Ранняя христианизация объясняет также, почему на Британских островах столь значительны были традиции восточного христианства (Палестины, Сирии, Египта и т. д.) – монашество, отшельничество и т. п., почему сюда проникли некоторые восточные культы (например, Митры[30]). Да и сложившаяся здесь церковная организация оказалась весьма своеобразной, отличающейся от континентальной. В христианизированной Британии, особенно в северной ее части, почти не было городов, а следовательно, не было епископств. Основными религиозными центрами стали монастыри. Их настоятелями, как правило, бывали отпрыски местных княжеских семей, а поэтому руководство монастырями редко уходило из рук одного рода, становясь как бы наследственным. Таким образом, монастыри становились средоточием и духовной и светской власти. Барды и филиды также неизменно тяготели к монастырям, и их устное творчество, арсеналом и почвой которого была кельтская мифология, развивалось рядом с письменной латинской традицией, параллельно ей, без непримиримого противоборства и противостояния. Поэтому воздействие библейских мотивов было здесь, с одной стороны, глубоким и органичным, с другой же стороны – лишенным категорической императивности. Ранняя христианизация, приобщение в той или иной мере к раннему христианству объясняют, наконец, тот культ апокрифических евангелий, особенно «Евангелия от Никодима», и, в частности, легенд об Иосифе Аримафейском, которые зафиксированы на Британских островах уже в VII в.[31] Этот культ Иосифа оказал сильнейшее воздействие на формирование артуровских легенд, вообще на самоощущение британцев: в Иосифе видели христианизатора Британии, в какой-то мере даже ее родоначальника.
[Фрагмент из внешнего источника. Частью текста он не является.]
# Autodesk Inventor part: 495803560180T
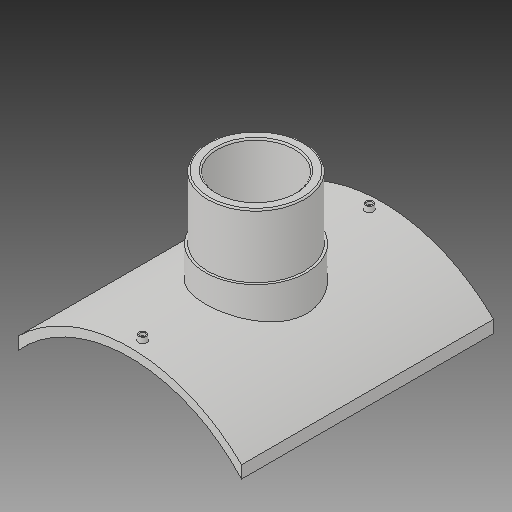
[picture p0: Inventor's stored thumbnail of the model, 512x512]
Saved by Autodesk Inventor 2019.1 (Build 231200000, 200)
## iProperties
Created: 2017-10
Part Number: 495803560180T
Material: Generic
Description: PLASSON BRANCH SADDLE  560x180
Document SubType Name: Modeling
Designer: KIM
Mass: 2754.05 g
Surface Area: 3037.44 cm^2
Volume: 2754.05 cm^3
Density: 1 g/cm^3
Appearance: Default
Author: KIM
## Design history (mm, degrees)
derived "495803.ipt"
feature "Solid1::495803.ipt"
tag "TaggingFeature1"
body "Solid1"
other parameters: "d1" = 16, "d2" = 416, "d4" = 0, "d12" = 305.6, "d13" = 14, "d14" = 211.5, "d16" = 5 deg, "d18" = 4, "d19" = 14, "d20" = 0, "d21" = 3, "d22" = 0, "d23" = 465, "d24" = 189, "d25" = 16, "d26" = 144, "d28" = 0, "d29" = 9.6, "d31" = 0, "d32" = 84.5, "d33" = 0, "d34" = 5.6, "d37" = 118.3, "d38" = 0, "d39" = 2.8, "B_" = 416, "H_" = 169, "x_" = 16, "D_" = 16
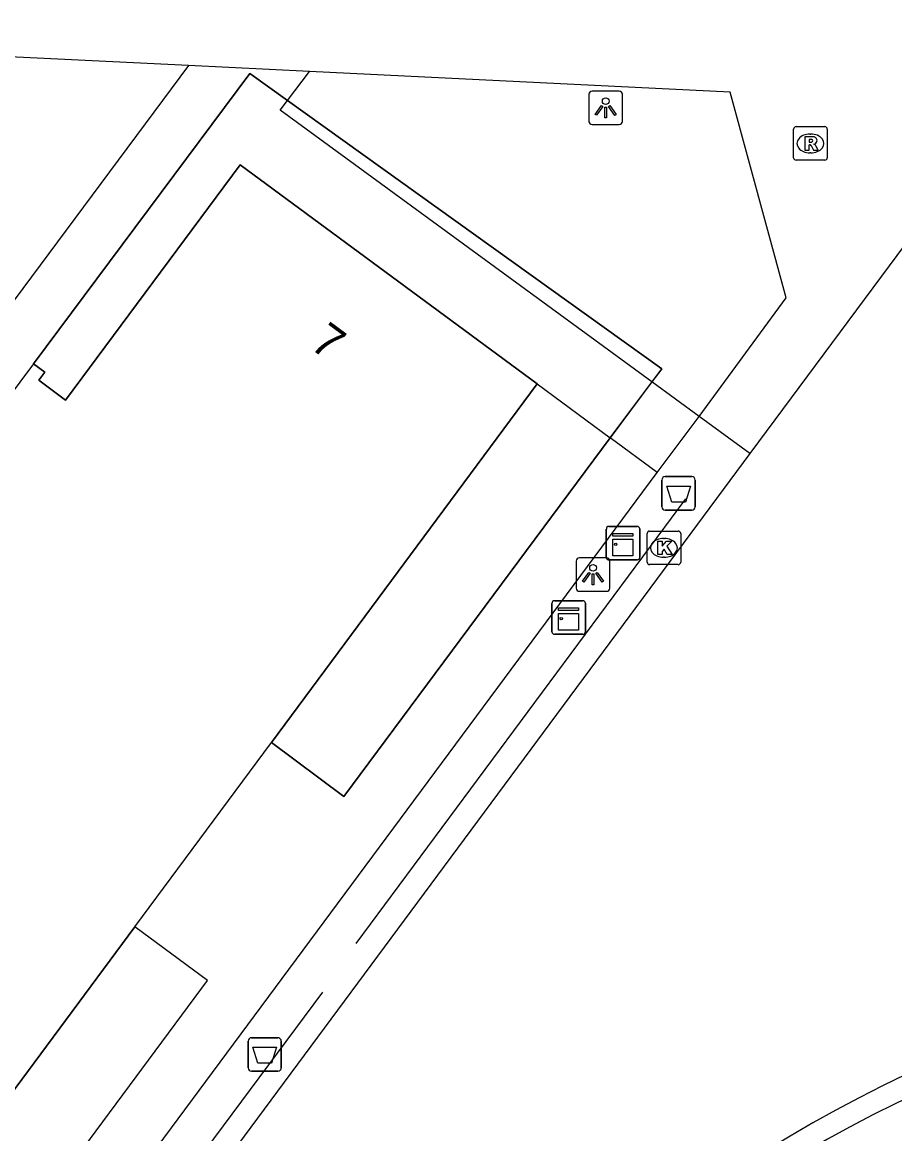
# Model space of a CAD drawing. Extents: x 161761 to 162722, y 384793 to 385405.
# Drawn here: x 162403.91 to 162429.91, y 385002.61 to 385035.74 of the extents above; entities that cross this region are included whole.
import ezdxf

# ---------------------------------------------------------------- set-up
doc = ezdxf.new("R2010")
doc.units = 0
for name, color, linetype in [('IMGEO_Afvalbak', 7, 'Continuous'), ('IMGEO_Groenvoorziening', 7, 'Continuous'), ('IMGEO_Hek', 7, 'Continuous'), ('IMGEO_Kast', 7, 'Continuous'), ('IMGEO_Kolk', 7, 'Continuous'), ('IMGEO_Lichtpunt', 7, 'Continuous'), ('IMGEO_Pand', 7, 'Continuous'), ('IMGEO_Pand_nummerreeks', 7, 'Continuous'), ('IMGEO_Pand_overbouw', 7, 'Continuous'), ('IMGEO_Rioolput', 7, 'Continuous'), ('IMGEO_Voetpad_open', 7, 'Continuous')]:
    doc.layers.add(name, color=color, linetype=linetype)

msp = doc.modelspace()

# ---------------------------------------------------------------- linework, layer by layer
at = {"layer": 'IMGEO_Afvalbak'}
for p, q in [((162422.972, 385021.294), (162422.972, 385022.094)), ((162422.972, 385022.094), (162422.972, 385021.294)), ((162423.072, 385022.194), (162423.862, 385022.194)), ((162423.862, 385022.194), (162423.072, 385022.194)), ((162423.962, 385022.094), (162423.962, 385021.294)), ((162423.962, 385021.294), (162423.962, 385022.094)), ((162423.862, 385021.194), (162423.072, 385021.194)), ((162423.072, 385021.194), (162423.862, 385021.194)), ((162410.637, 385004.571), (162410.637, 385005.371)), ((162410.637, 385005.371), (162410.637, 385004.571)), ((162410.737, 385005.471), (162411.527, 385005.471)), ((162411.527, 385005.471), (162410.737, 385005.471)), ((162411.627, 385005.371), (162411.627, 385004.571)), ((162411.627, 385004.571), (162411.627, 385005.371)), ((162411.527, 385004.471), (162410.737, 385004.471)), ((162410.737, 385004.471), (162411.527, 385004.471))]:
    msp.add_line(p, q, dxfattribs=at)
for points in [[(162423.115, 385021.908), (162423.819, 385021.908), (162423.67, 385021.438), (162423.264, 385021.438), (162423.115, 385021.908)], [(162410.78, 385005.185), (162411.484, 385005.185), (162411.335, 385004.715), (162410.929, 385004.715), (162410.78, 385005.185)]]:
    msp.add_lwpolyline(points, dxfattribs=at)
for centre, start, end in [((162423.072, 385022.094), 90, 180), ((162423.072, 385022.094), 90, 180), ((162423.862, 385022.094), 0, 90), ((162423.862, 385022.094), 360, 90), ((162423.072, 385021.294), 180, 270), ((162423.072, 385021.294), 180, 270), ((162423.862, 385021.294), 270, 0), ((162423.862, 385021.294), 270, 0), ((162410.737, 385005.371), 90, 180), ((162410.737, 385005.371), 90, 180), ((162411.527, 385005.371), 0, 90), ((162411.527, 385005.371), 360, 90), ((162410.737, 385004.571), 180, 270), ((162410.737, 385004.571), 180, 270), ((162411.527, 385004.571), 270, 0), ((162411.527, 385004.571), 270, 0)]:
    msp.add_arc(centre, 0.1, start, end, dxfattribs=at)
at = {"layer": 'IMGEO_Groenvoorziening'}
msp.add_lwpolyline([(162411.81, 385033.406), (162422.965, 385025.411), (162422.672, 385025.016)], dxfattribs=at)
at = {"layer": 'IMGEO_Hek'}
for points in [[(162423.674, 385021.538), (162413.845, 385008.282)], [(162412.851, 385006.833), (162386.424, 384971.276)]]:
    msp.add_lwpolyline(points, dxfattribs=at)
at = {"layer": 'IMGEO_Kast'}
for p, q in [((162421.315, 385019.788), (162421.315, 385020.629)), ((162421.315, 385020.629), (162421.315, 385019.788)), ((162421.39, 385020.713), (162422.231, 385020.713)), ((162422.231, 385020.713), (162421.39, 385020.713)), ((162422.315, 385020.638), (162422.315, 385019.797)), ((162422.315, 385019.797), (162422.315, 385020.638)), ((162422.24, 385019.713), (162421.399, 385019.713)), ((162421.399, 385019.713), (162422.24, 385019.713)), ((162419.692, 385017.571), (162419.692, 385018.412)), ((162419.692, 385018.412), (162419.692, 385017.571)), ((162419.767, 385018.496), (162420.608, 385018.496)), ((162420.608, 385018.496), (162419.767, 385018.496)), ((162420.692, 385018.421), (162420.692, 385017.58)), ((162420.692, 385017.58), (162420.692, 385018.421)), ((162420.617, 385017.496), (162419.776, 385017.496)), ((162419.776, 385017.496), (162420.617, 385017.496))]:
    msp.add_line(p, q, dxfattribs=at)
for points in [[(162421.51, 385020.503), (162422.11, 385020.503), (162422.11, 385020.418), (162421.51, 385020.418), (162421.51, 385020.503)], [(162421.51, 385020.328), (162422.11, 385020.328), (162422.11, 385019.839), (162421.51, 385019.839), (162421.51, 385020.328)], [(162419.887, 385018.286), (162420.487, 385018.286), (162420.487, 385018.201), (162419.887, 385018.201), (162419.887, 385018.286)], [(162419.887, 385018.111), (162420.487, 385018.111), (162420.487, 385017.622), (162419.887, 385017.622), (162419.887, 385018.111)]]:
    msp.add_lwpolyline(points, dxfattribs=at)
for centre in [(162421.594, 385020.177), (162419.971, 385017.96)]:
    msp.add_circle(centre, 0.0377, dxfattribs=at)
for centre, start, end in [((162421.393, 385020.635), 92.4484, 184.2845), ((162421.393, 385020.635), 92.4484, 184.2845), ((162422.237, 385020.635), 2.4484, 94.2845), ((162422.237, 385020.635), 2.4484, 94.2845), ((162421.393, 385019.791), 182.4484, 274.2845), ((162421.393, 385019.791), 182.4484, 274.2845), ((162422.237, 385019.791), 272.4484, 4.2845), ((162422.237, 385019.791), 272.4484, 4.2845), ((162419.77, 385018.418), 92.4484, 184.2845), ((162419.77, 385018.418), 92.4484, 184.2845), ((162420.614, 385018.418), 2.4484, 94.2845), ((162420.614, 385018.418), 2.4484, 94.2845), ((162419.77, 385017.574), 182.4484, 274.2845), ((162419.77, 385017.574), 182.4484, 274.2845), ((162420.614, 385017.574), 272.4484, 4.2845), ((162420.614, 385017.574), 272.4484, 4.2845)]:
    msp.add_arc(centre, 0.0779, start, end, dxfattribs=at)
at = {"layer": 'IMGEO_Kolk'}
for p, q in [((162422.531, 385019.645), (162422.531, 385020.497)), ((162422.606, 385020.571), (162423.458, 385020.571)), ((162423.532, 385020.497), (162423.532, 385019.645)), ((162423.019, 385020.351), (162423.044, 385020.351)), ((162423.042, 385019.791), (162423.017, 385019.791)), ((162423.458, 385019.571), (162422.606, 385019.571))]:
    msp.add_line(p, q, dxfattribs=at)
for points in [[(162422.531, 385019.645), (162422.531, 385020.497)], [(162422.606, 385020.571), (162423.458, 385020.571)], [(162423.532, 385020.497), (162423.532, 385019.645)], [(162422.852, 385020.271), (162422.975, 385020.271), (162422.975, 385020.12), (162423.105, 385020.271), (162423.269, 385020.271), (162423.123, 385020.12), (162423.276, 385019.871), (162423.124, 385019.871), (162423.039, 385020.035), (162422.975, 385019.968), (162422.975, 385019.871), (162422.852, 385019.871), (162422.852, 385020.271)], [(162423.458, 385019.571), (162422.606, 385019.571)]]:
    msp.add_lwpolyline(points, dxfattribs=at)
for centre, start, end in [((162422.608, 385020.495), 91.552, 178.448), ((162422.608, 385020.495), 91.552, 178.448), ((162423.456, 385020.495), 1.552, 88.448), ((162423.456, 385020.495), 1.552, 88.448), ((162422.608, 385019.647), 181.552, 268.448), ((162422.608, 385019.647), 181.552, 268.448), ((162423.456, 385019.647), 271.552, 358.448), ((162423.456, 385019.647), 271.552, 358.448)]:
    msp.add_arc(centre, 0.0765, start, end, dxfattribs=at)
for centre, major_axis, ratio, start_param, end_param in [((162423.018, 385020.071), (-0.387, 0.002), 0.722429, 4.712389, 7.853982), ((162423.043, 385020.071), (-0.39, 0.002), 0.717154, 1.570796, 4.712389)]:
    msp.add_ellipse(centre, major_axis=major_axis, ratio=ratio, start_param=start_param, end_param=end_param, dxfattribs=at)
at = {"layer": 'IMGEO_Lichtpunt'}
for p, q in [((162421.699, 385033.686), (162420.891, 385033.686)), ((162421.699, 385033.686), (162420.891, 385033.686)), ((162420.797, 385033.591), (162420.797, 385032.784)), ((162420.797, 385033.591), (162420.797, 385032.784)), ((162421.793, 385032.784), (162421.793, 385033.591)), ((162421.793, 385032.784), (162421.793, 385033.591)), ((162420.891, 385032.69), (162421.699, 385032.69)), ((162420.891, 385032.69), (162421.699, 385032.69)), ((162421.321, 385019.773), (162420.513, 385019.773)), ((162421.321, 385019.773), (162420.513, 385019.773)), ((162420.419, 385019.678), (162420.419, 385018.871)), ((162420.419, 385019.678), (162420.419, 385018.871)), ((162421.415, 385018.871), (162421.415, 385019.678)), ((162421.415, 385018.871), (162421.415, 385019.678)), ((162420.513, 385018.777), (162421.321, 385018.777)), ((162420.513, 385018.777), (162421.321, 385018.777))]:
    msp.add_line(p, q, dxfattribs=at)
for points in [[(162421.171, 385033.255), (162421.21, 385033.227), (162421.022, 385032.965), (162420.984, 385032.992), (162421.171, 385033.255)], [(162421.273, 385033.207), (162421.32, 385033.207), (162421.32, 385032.885), (162421.273, 385032.885), (162421.273, 385033.207)], [(162421.383, 385033.227), (162421.421, 385033.254), (162421.608, 385032.992), (162421.569, 385032.964), (162421.383, 385033.227)], [(162420.793, 385019.342), (162420.832, 385019.314), (162420.644, 385019.052), (162420.606, 385019.079), (162420.793, 385019.342)], [(162420.895, 385019.294), (162420.942, 385019.294), (162420.942, 385018.972), (162420.895, 385018.972), (162420.895, 385019.294)], [(162421.005, 385019.314), (162421.043, 385019.341), (162421.23, 385019.079), (162421.191, 385019.051), (162421.005, 385019.314)]]:
    msp.add_lwpolyline(points, dxfattribs=at)
for centre in [(162421.296, 385033.389), (162420.918, 385019.476)]:
    msp.add_circle(centre, 0.0994, dxfattribs=at)
for centre, start, end in [((162420.891, 385033.591), 90, 180), ((162420.891, 385033.591), 90, 180), ((162421.699, 385033.591), 0, 90), ((162421.699, 385033.591), 0, 90), ((162420.891, 385032.784), 180, 270), ((162420.891, 385032.784), 180, 270), ((162421.699, 385032.784), 270, 0), ((162421.699, 385032.784), 270, 360), ((162420.513, 385019.678), 90, 180), ((162420.513, 385019.678), 90, 180), ((162421.321, 385019.678), 0, 90), ((162421.321, 385019.678), 0, 90), ((162420.513, 385018.871), 180, 270), ((162420.513, 385018.871), 180, 270), ((162421.321, 385018.871), 270, 0), ((162421.321, 385018.871), 270, 360)]:
    msp.add_arc(centre, 0.0946, start, end, dxfattribs=at)
at = {"layer": 'IMGEO_Pand'}
for points in [[(162419.249, 385024.957), (162410.404, 385031.486), (162405.199, 385024.476), (162404.396, 385025.072), (162404.576, 385025.313), (162404.244, 385025.561)], [(162404.244, 385025.561), (162400.976, 385021.188)], [(162411.333, 385014.268), (162419.249, 385024.957)], [(162380.077, 384972.07), (162382.369, 384975.165), (162407.264, 385008.775), (162411.333, 385014.268)]]:
    msp.add_lwpolyline(points, dxfattribs=at)
at = {"layer": 'IMGEO_Pand_overbouw'}
for points in [[(162411.333, 385014.268), (162413.495, 385012.661), (162421.433, 385023.347), (162422.965, 385025.411), (162411.81, 385033.406), (162410.688, 385034.211), (162404.244, 385025.561), (162404.576, 385025.313), (162404.396, 385025.072), (162405.199, 385024.476), (162410.404, 385031.486), (162419.249, 385024.957)], [(162382.369, 384975.165), (162384.52, 384973.558), (162409.423, 385007.181), (162407.264, 385008.775)]]:
    msp.add_lwpolyline(points, close=True, dxfattribs=at)
at = {"layer": 'IMGEO_Rioolput'}
for p, q in [((162426.898, 385031.701), (162426.898, 385032.553)), ((162426.973, 385032.627), (162427.825, 385032.627)), ((162427.386, 385032.407), (162427.411, 385032.407)), ((162427.899, 385032.553), (162427.899, 385031.701)), ((162427.409, 385031.847), (162427.384, 385031.847)), ((162427.825, 385031.627), (162426.973, 385031.627))]:
    msp.add_line(p, q, dxfattribs=at)
for points in [[(162426.898, 385031.701), (162426.898, 385032.553)], [(162426.973, 385032.627), (162427.825, 385032.627)], [(162427.487, 385032.325), (162427.235, 385032.327), (162427.235, 385031.927)], [(162427.899, 385032.553), (162427.899, 385031.701)], [(162427.235, 385031.927), (162427.359, 385031.927), (162427.359, 385032.089), (162427.37, 385032.089)], [(162427.413, 385032.246), (162427.359, 385032.246), (162427.359, 385032.165)], [(162427.359, 385032.165), (162427.411, 385032.165)], [(162427.417, 385032.06), (162427.488, 385031.927), (162427.628, 385031.927), (162427.563, 385032.053)], [(162427.825, 385031.627), (162426.973, 385031.627)]]:
    msp.add_lwpolyline(points, dxfattribs=at)
for centre, radius, start, end in [((162426.975, 385032.551), 0.0765, 91.552, 178.448), ((162426.975, 385032.551), 0.0765, 91.552, 178.448), ((162427.486, 385032.215), 0.109, 350.3612, 89.416), ((162427.823, 385032.551), 0.0765, 1.552, 88.448), ((162427.823, 385032.551), 0.0765, 1.552, 88.448), ((162427.369, 385032.036), 0.0533, 26.0293, 88.6989), ((162427.395, 385032.354), 0.19, 274.7715, 282.9687), ((162427.419, 385032.15), 0.0964, 77.0061, 93.1865), ((162427.433, 385032.207), 0.0378, 276.6634, 79.6772), ((162427.484, 385032.215), 0.112, 277.5842, 350.9817), ((162427.468, 385032), 0.108, 29.5134, 73.7905), ((162426.975, 385031.703), 0.0765, 181.552, 268.448), ((162426.975, 385031.703), 0.0765, 181.552, 268.448), ((162427.823, 385031.703), 0.0765, 271.552, 358.448), ((162427.823, 385031.703), 0.0765, 271.552, 358.448)]:
    msp.add_arc(centre, radius, start, end, dxfattribs=at)
for centre, major_axis, ratio, start_param, end_param in [((162427.385, 385032.127), (-0.387, 0.002), 0.722429, 4.712389, 7.853982), ((162427.41, 385032.127), (-0.39, 0.002), 0.717154, 1.570796, 4.712389)]:
    msp.add_ellipse(centre, major_axis=major_axis, ratio=ratio, start_param=start_param, end_param=end_param, dxfattribs=at)
at = {"layer": 'IMGEO_Voetpad_open'}
for points in [[(162408.86, 385034.446), (162400.443, 385034.857), (162400.64, 385038.778), (162402.942, 385038.647)], [(162408.86, 385034.446), (162395.555, 385016.551)], [(162412.471, 385034.27), (162408.86, 385034.446)], [(162404.244, 385025.561), (162410.688, 385034.211), (162411.81, 385033.406)], [(162411.81, 385033.406), (162412.471, 385034.27)], [(162424.078, 385023.988), (162426.672, 385027.527), (162425.011, 385033.658), (162412.471, 385034.27)], [(162422.672, 385025.016), (162411.592, 385033.121), (162411.81, 385033.406)], [(162430.723, 385029.79), (162425.597, 385022.88)], [(162419.249, 385024.957), (162421.433, 385023.347)], [(162422.672, 385025.016), (162421.433, 385023.347)], [(162424.078, 385023.988), (162422.672, 385025.016)], [(162422.828, 385022.318), (162424.078, 385023.988)], [(162425.597, 385022.88), (162424.078, 385023.988)], [(162421.433, 385023.347), (162413.495, 385012.661), (162411.333, 385014.268)], [(162422.828, 385022.318), (162421.433, 385023.347)], [(162425.597, 385022.88), (162350.849, 384921.99), (162348.561, 384918.914)], [(162364.988, 384947.13), (162366.338, 384946.103), (162422.828, 385022.318)]]:
    msp.add_lwpolyline(points, dxfattribs=at)
for centre, radius, start, end in [((162447.215, 384968.187), 39.963, 56.3918, 127.5657), ((162447.022, 384968.408), 39.034, 56.0389, 127.2831)]:
    msp.add_arc(centre, radius, start, end, dxfattribs=at)

# ---------------------------------------------------------------- texts
at = {"layer": 'IMGEO_Pand_nummerreeks'}
msp.add_text('7', height=1, rotation=323.4627, dxfattribs=at).set_placement((162412.442, 385026.049))

doc.saveas('drawing.dxf')

Эрнест Ренан отмечал как главные черты ранней кельтской литературы абстрактность, кротость, пассивность, мечтательность[32]. Известный английский поэт XIX века Мэтью Арнольд[33] говорил о страстности, любви к фантастическому, о меланхолии. При всей односторонности этих оценок, в них немало верного. Очень справедливо, например, замечание Э. Ренана о том, что известная нам литература кельтов вполне самостоятельна и христианский элемент в ней едва заметен: «Вся природа заколдована и изобилует, подобно воображению, бесконечно разнообразными созданиями. Христианство редко обнаруживается; хотя иногда и чувствуется его близость, но оно ни в чем не изменяет той естественной среды, в которой все происходит. Епископ фигурирует за столом рядом с Артуром, но его функции ограничиваются только тем, что он благословляет блюда»[34]. Современные кельтологи, например, Жан Маркс[35], отмечают в поэзии кельтов особую созерцательность, вызванную близостью к природе. Кстати, эта близость подкреплялась у христианизированных кельтов широко распространенным отшельничеством. Монахи-отшельники, селившиеся в живописных местах, были не выдумкой авторов романов «бретонского цикла», а исторической реальностью тех «темных» веков.